### PROBLEM TO SOLVE
Print, exactly as written, the line containing "FILE_SCHEMA(('CONFIG_CONTROL_DESIGN'));" and every line after it, ending with the final line of the data below.

### DATA LISTING
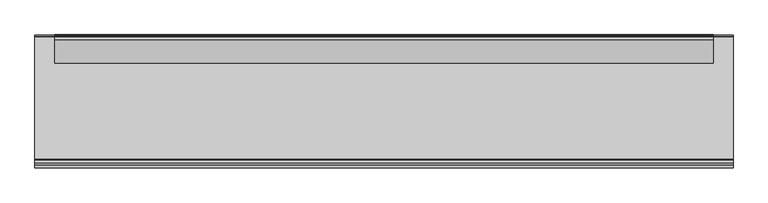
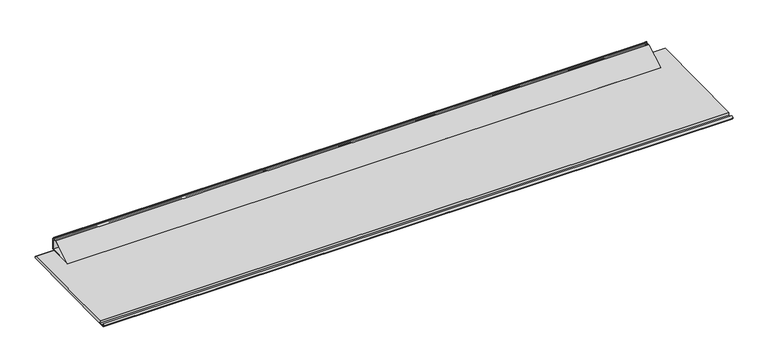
"""IFC4 building model written with IfcOpenShell, lengths in millimetres: proxy geometry, 営_付庇_窓 : 付庇."""

from ifc_helpers import new_model, si_unit, point, frame, frame_2d, origin, place, context, project, spatial, polyline, circle_curve, trimmed, segment, composite_curve, outline, extrude, source, transform, mapped, element, save


def generic_models_706210b3(model_context):
    return source(origin(), model_context, "Body", "SweptSolid", [
        extrude(outline(composite_curve([segment(polyline([(-37.6140814, 2819.9351524), (-11.3461322, 2819.9351524), (-11.3461322, 2828.9351524), (-10.3461322, 2828.9351524), (-10.3461322, 2818.9351524), (-1.8461322, 2818.9351524)]), True, "CONTINUOUS"), segment(trimmed(circle_curve(frame_2d((-1.8461322, 2817.4351524)), 1.5), [point((-1.8461322, 2818.9351524))], [point((-0.3461322, 2817.4351524))], False, "CARTESIAN"), True, "CONTINUOUS"), segment(polyline([(-0.3461322, 2817.4351524), (-0.3461322, 2752.0085908), (-1.8327263, 2752.0085908), (-1.8327263, 2735.1294809)]), True, "CONTINUOUS"), segment(trimmed(circle_curve(frame_2d((-5.028506, 2735.1294809)), 3.1957797), [point((-1.8327263, 2735.1294809))], [point((-5.028506, 2731.9337012))], False, "CARTESIAN"), True, "CONTINUOUS"), segment(polyline([(-5.028506, 2731.9337012), (-175.0057255, 2730.2313285)]), True, "CONTINUOUS"), segment(trimmed(circle_curve(frame_2d((-171.8053303, 2730.2659194)), 3.2005822), [point((-175.0057255, 2730.2313285))], [point((-171.8055496, 2733.4665015))], False, "CARTESIAN"), True, "CONTINUOUS"), segment(polyline([(-171.8055496, 2733.4665015), (-5.0461322, 2735.1351524), (-5.0461322, 2817.4351524), (-25.3461322, 2817.4351524), (-25.3461322, 2818.9351524), (-37.3461322, 2818.9351524), (-190.9231912, 2730.267396), (-191.4231912, 2731.1334214), (-37.6140814, 2819.9351524)]), True, "CONTINUOUS")], self_intersect=False)), frame((-2235.0, 0.0, 0.0), z_axis=(1.0, 0.0, 0.0), x_axis=(0.0, 1.0, 0.0)), (0.0, 0.0, 1.0), 4470.0),
        extrude(outline(polyline([(-2.5882551, 2708.904574), (-840.0443021, 2700.5299735), (-840.1352979, 2709.6295042), (-847.1349905, 2709.5595114), (-847.1089918, 2706.959652), (-845.1090918, 2706.979651), (-845.0940922, 2705.479699), (-847.0939926, 2705.4596999), (-847.0439951, 2700.459977), (-893.0414445, 2700.0), (-893.1674389, 2712.5993704), (-905.0, 2712.4810448), (-905.0, 2714.1463745), (-890.2697794, 2722.848415), (-890.071593, 2703.0298485), (-870.1165891, 2703.2293992), (-850.0738436, 2703.4298285), (-850.2698338, 2723.0286706), (-17.8134939, 2731.3533096), (-17.7134989, 2721.3539004), (-10.9138389, 2721.4218976), (-2.7142489, 2721.5038939), (-2.5882551, 2708.904574)])), frame((-2370.0, 0.0, 0.0), z_axis=(1.0, 0.0, 0.0), x_axis=(0.0, 1.0, 0.0)), (0.0, 0.0, 1.0), 4740.0),
    ])


if __name__ == "__main__":
    model = new_model("IFC4")
    model_context = context("Model", 3, world=origin())
    ifc_project = project(units=[si_unit("LENGTHUNIT", "METRE", prefix="MILLI")], contexts=[model_context])
    site = spatial("IfcSite", under=ifc_project)
    building = spatial("IfcBuilding", under=site)
    placement = place(None, origin())
    generic_models_shape = generic_models_706210b3(model_context)
    element("IfcBuildingElementProxy", 1, Name="営_付庇_窓 : 付庇", ObjectType="営_付庇_窓 : 付庇", at=placement, inside=building, context=model_context, shape_type="MappedRepresentation", body=[
        mapped(generic_models_shape, transform((0.0, 0.0, 0.0), x_axis=(1.0, 0.0, 0.0), y_axis=(0.0, 1.0, 0.0), z_axis=(0.0, 0.0, 1.0))),
    ])
    save(model, "model.ifc")
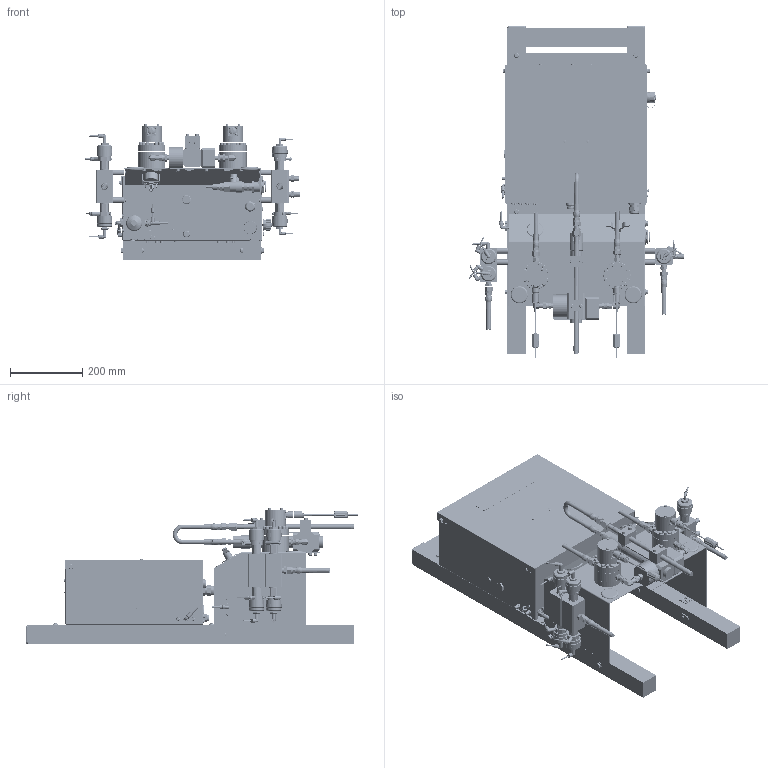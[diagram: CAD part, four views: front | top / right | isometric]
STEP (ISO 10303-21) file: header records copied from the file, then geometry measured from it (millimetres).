
FILE_DESCRIPTION((''),'2;1');
FILE_NAME('24Z013-EN-G_PRT','2020-03-05T07:38:29',('qusrh3'),(''),'CREO PARAMETRIC BY PTC INC, 2019030','CREO PARAMETRIC BY PTC INC, 2019030','');
FILE_SCHEMA(('CONFIG_CONTROL_DESIGN'));
Products named in the file (1): 24Z013-EN-G_PRT
Bounding box: 595.4 x 919.26 x 375.35 mm (x, y, z)
Surface area: 3415333.8 mm2 (no closed solid volume)
Topology: 0 solids, 889 shells, 6780 faces, 21160 edges, 14686 vertices
Faces by surface type: plane 3092, cylinder 1891, cone 1041, torus 323, bspline 307, sphere 93, extrusion 21, revolution 12
Entity records: 266905 total; most frequent: CARTESIAN_POINT 88662, DIRECTION 36305, ORIENTED_EDGE 33982, EDGE_CURVE 21138, VERTEX_POINT 14686, AXIS2_PLACEMENT_3D 12756, VECTOR 10781, LINE 10760

### FINISHED EXERCISE
FILE_SCHEMA(('CONFIG_CONTROL_DESIGN'));
Products named in the file (1): 24Z013-EN-G_PRT
Bounding box: 595.4 x 919.26 x 375.35 mm (x, y, z)
Surface area: 3415333.8 mm2 (no closed solid volume)
Topology: 0 solids, 889 shells, 6780 faces, 21160 edges, 14686 vertices
Faces by surface type: plane 3092, cylinder 1891, cone 1041, torus 323, bspline 307, sphere 93, extrusion 21, revolution 12
Entity records: 266905 total; most frequent: CARTESIAN_POINT 88662, DIRECTION 36305, ORIENTED_EDGE 33982, EDGE_CURVE 21138, VERTEX_POINT 14686, AXIS2_PLACEMENT_3D 12756, VECTOR 10781, LINE 10760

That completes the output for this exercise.